I did some sightseeing for the three days I had, with some training and technical/coaching sessions and I was itching to get out onto the field and referee in the competition. I was lucky to get one game on Day 1 - the Friday. I refereed the last game where the hosts played Wales.

The last game of the day was always going to be spicy as the hosts had to play Wales who already had a game under their belt and USA were playing their first game based on seeding’s from the World Series and the loser was going into the bowl competition.

So the pressure was always going to be there as the winner qualified for the cup quarterfinals.

I went into the game with confidence and embraced the challenge as I have been in these moments before and credit goes to David Galbraith, a New Zealander and a sports psychologist, who has taught me that I need to know how to deal with ups and downs, highs and lows - in my view, the best thing I have ever learned from a psychologist in terms of facing high-pressure moments.

The game went well and USA turned out victors by 30 odd points.

The last game ended late on Friday, so it was a short turn around and an early start on Saturday. I was excited for Day 2 after we witnessed scintillating rugby on Day 1 of the World Cup.

It was a packed stadium and I was so excited for more action.
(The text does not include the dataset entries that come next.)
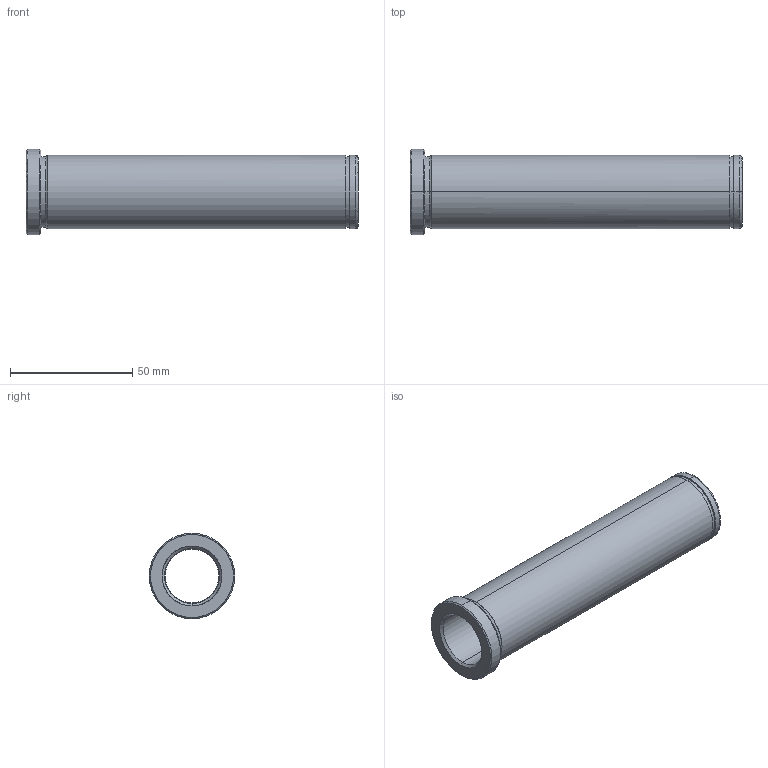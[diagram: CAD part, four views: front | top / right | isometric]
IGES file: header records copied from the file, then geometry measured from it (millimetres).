
Start section: START RECORD GO HERE.
Global section: file name: 553-22X136.igs; native system: DASSAULT SYSTEMES CATIA V5 R20 - www.3ds.com; preprocessor: CATIA Version 5 Release 20 ; author: Utente; organization: NB04-ASUS; date: 20210525.201532; units: millimetre
Bounding box: 136 x 35 x 35 mm (x, y, z)
Surface area: 23519 mm2 (no closed solid volume)
Topology: 0 solids, 0 shells, 32 faces, 204 edges, 204 vertices
Faces by surface type: revolution 26, plane 6
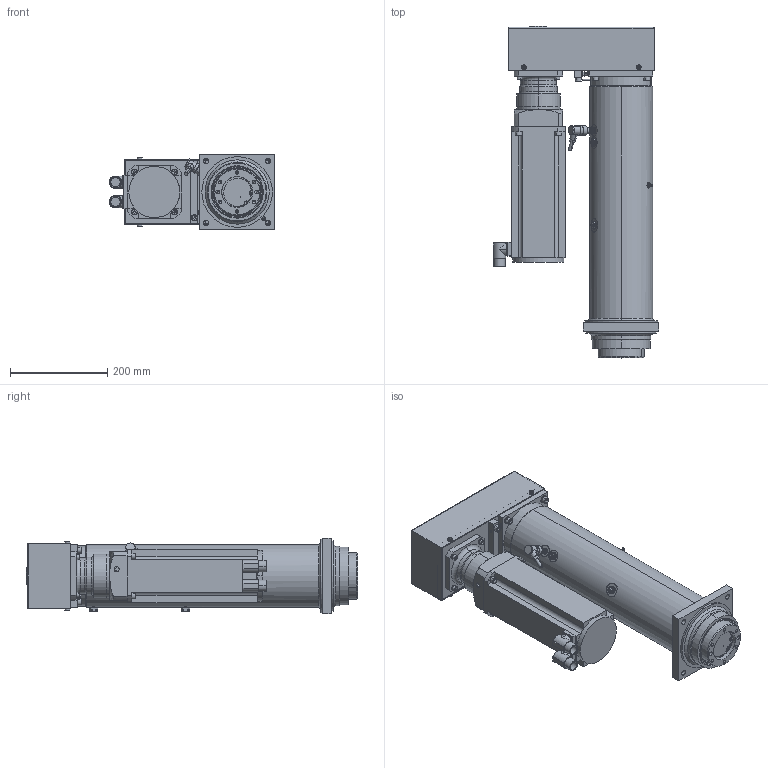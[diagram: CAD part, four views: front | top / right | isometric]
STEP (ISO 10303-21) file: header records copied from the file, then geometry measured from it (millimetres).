
FILE_DESCRIPTION (( 'STEP AP214' ), '1' );
FILE_NAME ('374125.STEP', '2017-10-10T05:55:40', ( 'admin' ), ( 'Microsoft' ), 'SwSTEP 2.0', 'SolidWorks 2016', '' );
FILE_SCHEMA (( 'AUTOMOTIVE_DESIGN' ));
Length unit declared in the file: millimetre
Products named in the file (1): 374125
Bounding box: 340.47 x 682 x 155 mm (x, y, z)
Volume: 9651829 mm3; surface area: 1371281.9 mm2
Topology: 51 solids, 51 shells, 1666 faces, 3890 edges, 2362 vertices
Faces by surface type: plane 680, cylinder 652, cone 274, torus 54, bspline 6
Entity records: 71180 total; most frequent: CARTESIAN_POINT 13980, DIRECTION 8415, ORIENTED_EDGE 7504, EDGE_CURVE 3752, AXIS2_PLACEMENT_3D 3263, VERTEX_POINT 2361, EDGE_LOOP 2017, VECTOR 1889
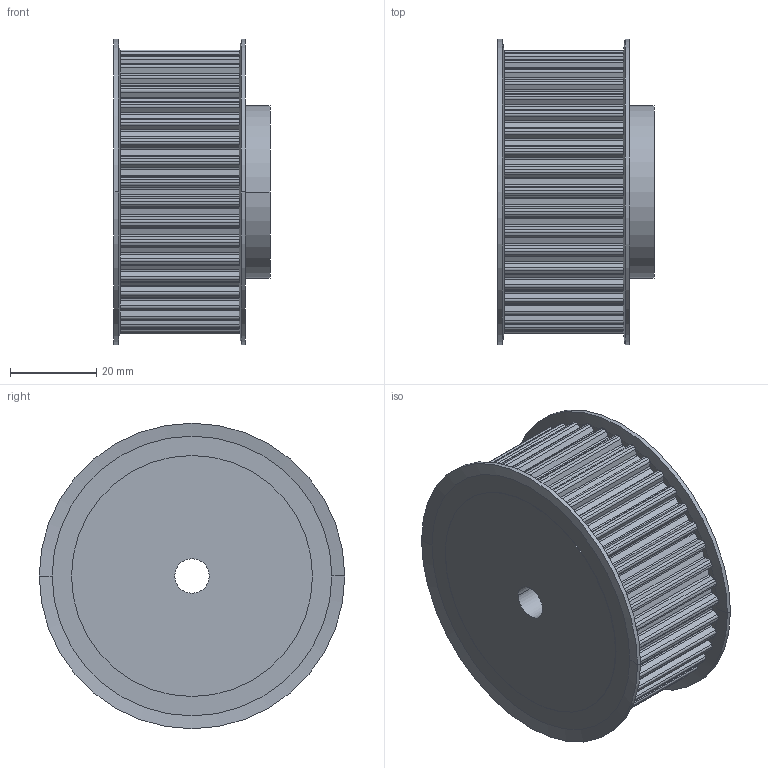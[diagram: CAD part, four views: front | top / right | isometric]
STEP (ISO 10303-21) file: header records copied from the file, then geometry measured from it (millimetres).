
FILE_DESCRIPTION( ( '' ), '1' );
FILE_NAME( 'C:/Users/Stangenbergd/Documents/CAD_Step/1/16244200.stp', '2021-10-19T08:46:24', ( '' ), ( '' ), ' ', ' ', ' ' );
FILE_SCHEMA( ( 'CONFIG_CONTROL_DESIGN' ) );
Length unit declared in the file: millimetre
Products named in the file (1): 1
Bounding box: 36.27 x 71 x 71 mm (x, y, z)
Volume: 103192.6 mm3; surface area: 20038.1 mm2
Topology: 1 solids, 1 shells, 529 faces, 1396 edges, 872 vertices
Faces by surface type: plane 299, cylinder 222, cone 8
Entity records: 16430 total; most frequent: DIRECTION 3076, CARTESIAN_POINT 2798, ORIENTED_EDGE 2792, EDGE_CURVE 1396, AXIS2_PLACEMENT_3D 1150, VERTEX_POINT 872, LINE 776, VECTOR 776

I had some tasty matches on Day 2 as I refereed Chile vs Uganda which turned out to be a try-fest and entertaining for the public.

I later had to referee a massive quarterfinal where the USA played England and it was a tight game that ended up in a draw and we had to go to extra time where England scored the match-winning try with a cross kick that was gathered by Phil Burgess.

This was probably the try of the tournament.

The curtain was coming down on the tournament and it was at the business end. I was selected to referee the semifinal where Fiji were playing New Zealand. I had been in this moment before in the Olympics and it’s an intense game as they are major rivals.

New Zealand won the game and it was the last set of matches left of the tournament. We had a meeting in our change room as is the norm before they announce referees for the last eight games of the tournament.

The officials were announced, and I was given the opportunity to referee the final where New Zealand played England. This was a repeat of 2013 World Cup Sevens final in Moscow. I had refereed that final and I was ecstatic to be given the opportunity to close the tournament for the second time in my career.

I was fortunate to referee the final in 2013, the Olympic final in 2016 and this year’s World Cup final. New Zealand beat England 33-12 and the curtain came down on what I would say one of the best tournaments I have been part of as I loved everything about San Francisco.

Thanks to World Rugby's Paddy O'Brien, Craig Joubert, SA Rugby and all the officials involved as this was a special tournament for many reasons.